### EXTRACTED INFORMATION
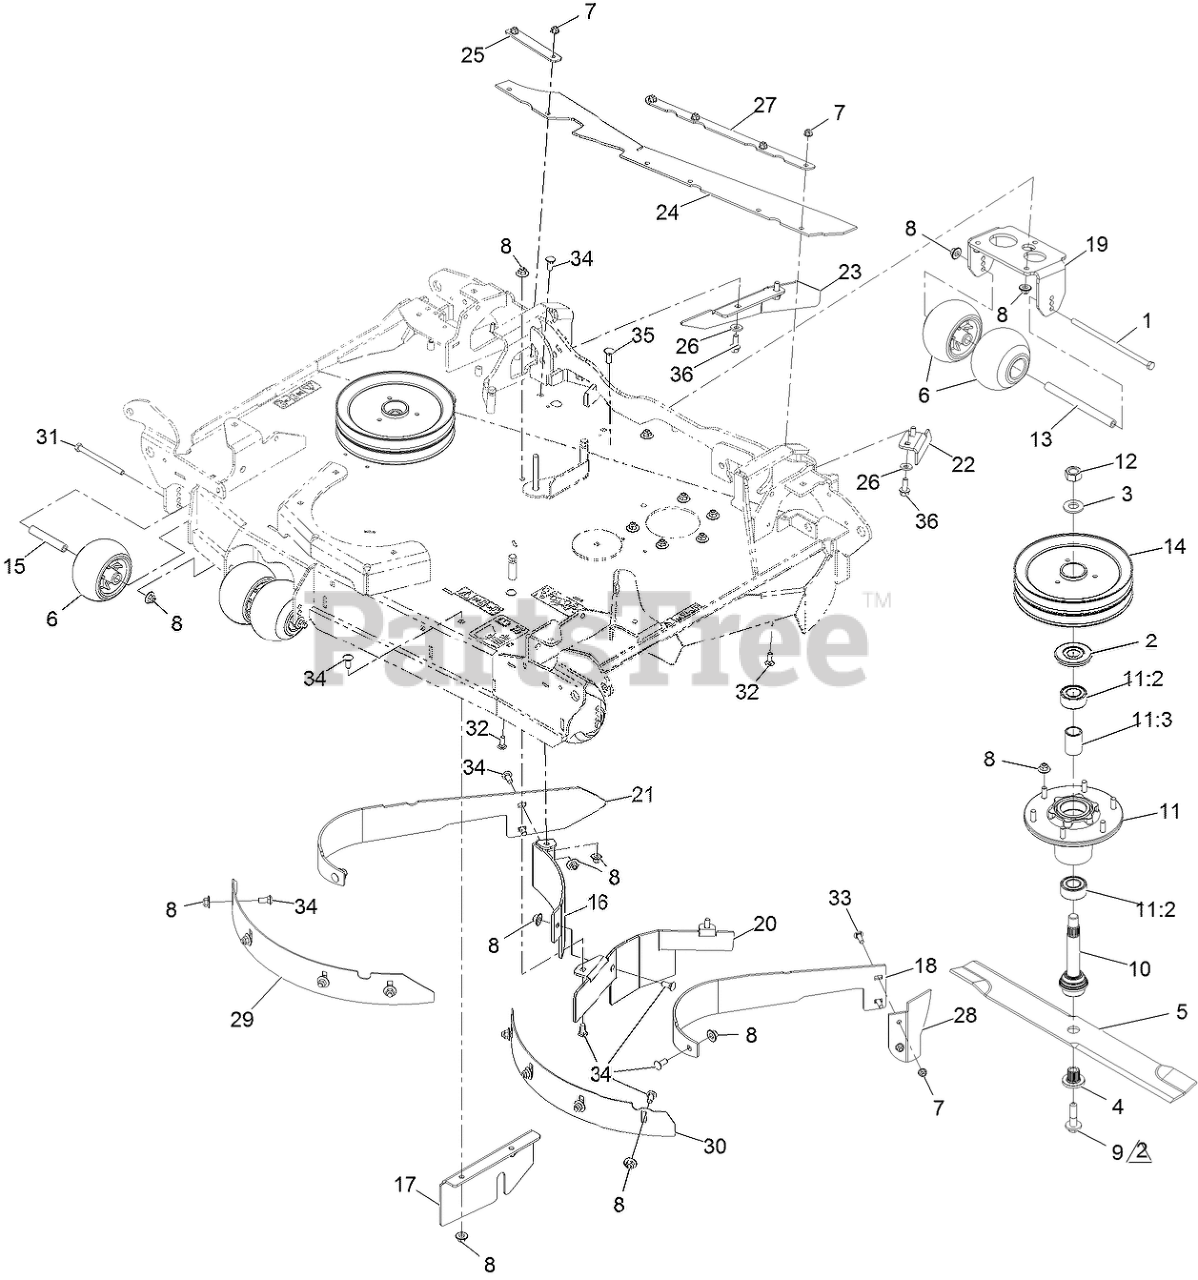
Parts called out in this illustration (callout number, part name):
1	SCREW-HH
2	GUARD-BEARING, TOP
4	BUSHING,SPLINED
6	ROLLER-SCALP, ANTI
7	NUT-HF, NI
8	Nut-Nyloc 3/8-16 Flg
9	SCREW,SEMS 1/2-20 X 2.19
10	ASM-SPINDLE AND SEAL
11	ASM-CUTTER HSG
11:2	BEARING-3205 TRASHGUARD
11:3	SPACER-BEARING
12	NUT-HEX
13	SPACER-WHEEL
14	SHEAVE-DOUBLE 96RD
15	SPACER-WHEEL SHORT
16	BAFFLE-CENTER, REAR (RH)
17	PLATE-BLOCK, FRONT
18	BAFFLE-DOGLEG, CENTER (LH
19	BRACKET-ANTISCALP, REAR
20	BAFFLE-CENTER
21	BAFFLE-DOGLEG, CENTER (RH
22	BAFFLE-BREAKER
23	PLATE-FIN, DISCHARGE
24	FLAP-DISCHARGE
25	SUPPORT-FLAP, LH
26	WASHER-BELLEVILLE
27	SUPPORT-FLAP, LH
28	GUARD-DISCHARGE
29	BAFFLE-DEPTH, LH
30	BAFFLE-DEPTH, RH
31	SCREW-HH
32	SCREW-CARR
33	SCREW-CARR
34	BOLT-CARR
35	BOLT-CARR
36	SCREW-HHF

### AIM OF THE EXERCISE
The expected answer is an unaltered copy of the listing, images removed.

### EXPECTED OUTPUT
Parts called out in this illustration (callout number, part name):
1	SCREW-HH
2	GUARD-BEARING, TOP
4	BUSHING,SPLINED
6	ROLLER-SCALP, ANTI
7	NUT-HF, NI
8	Nut-Nyloc 3/8-16 Flg
9	SCREW,SEMS 1/2-20 X 2.19
10	ASM-SPINDLE AND SEAL
11	ASM-CUTTER HSG
11:2	BEARING-3205 TRASHGUARD
11:3	SPACER-BEARING
12	NUT-HEX
13	SPACER-WHEEL
14	SHEAVE-DOUBLE 96RD
15	SPACER-WHEEL SHORT
16	BAFFLE-CENTER, REAR (RH)
17	PLATE-BLOCK, FRONT
18	BAFFLE-DOGLEG, CENTER (LH
19	BRACKET-ANTISCALP, REAR
20	BAFFLE-CENTER
21	BAFFLE-DOGLEG, CENTER (RH
22	BAFFLE-BREAKER
23	PLATE-FIN, DISCHARGE
24	FLAP-DISCHARGE
25	SUPPORT-FLAP, LH
26	WASHER-BELLEVILLE
27	SUPPORT-FLAP, LH
28	GUARD-DISCHARGE
29	BAFFLE-DEPTH, LH
30	BAFFLE-DEPTH, RH
31	SCREW-HH
32	SCREW-CARR
33	SCREW-CARR
34	BOLT-CARR
35	BOLT-CARR
36	SCREW-HHF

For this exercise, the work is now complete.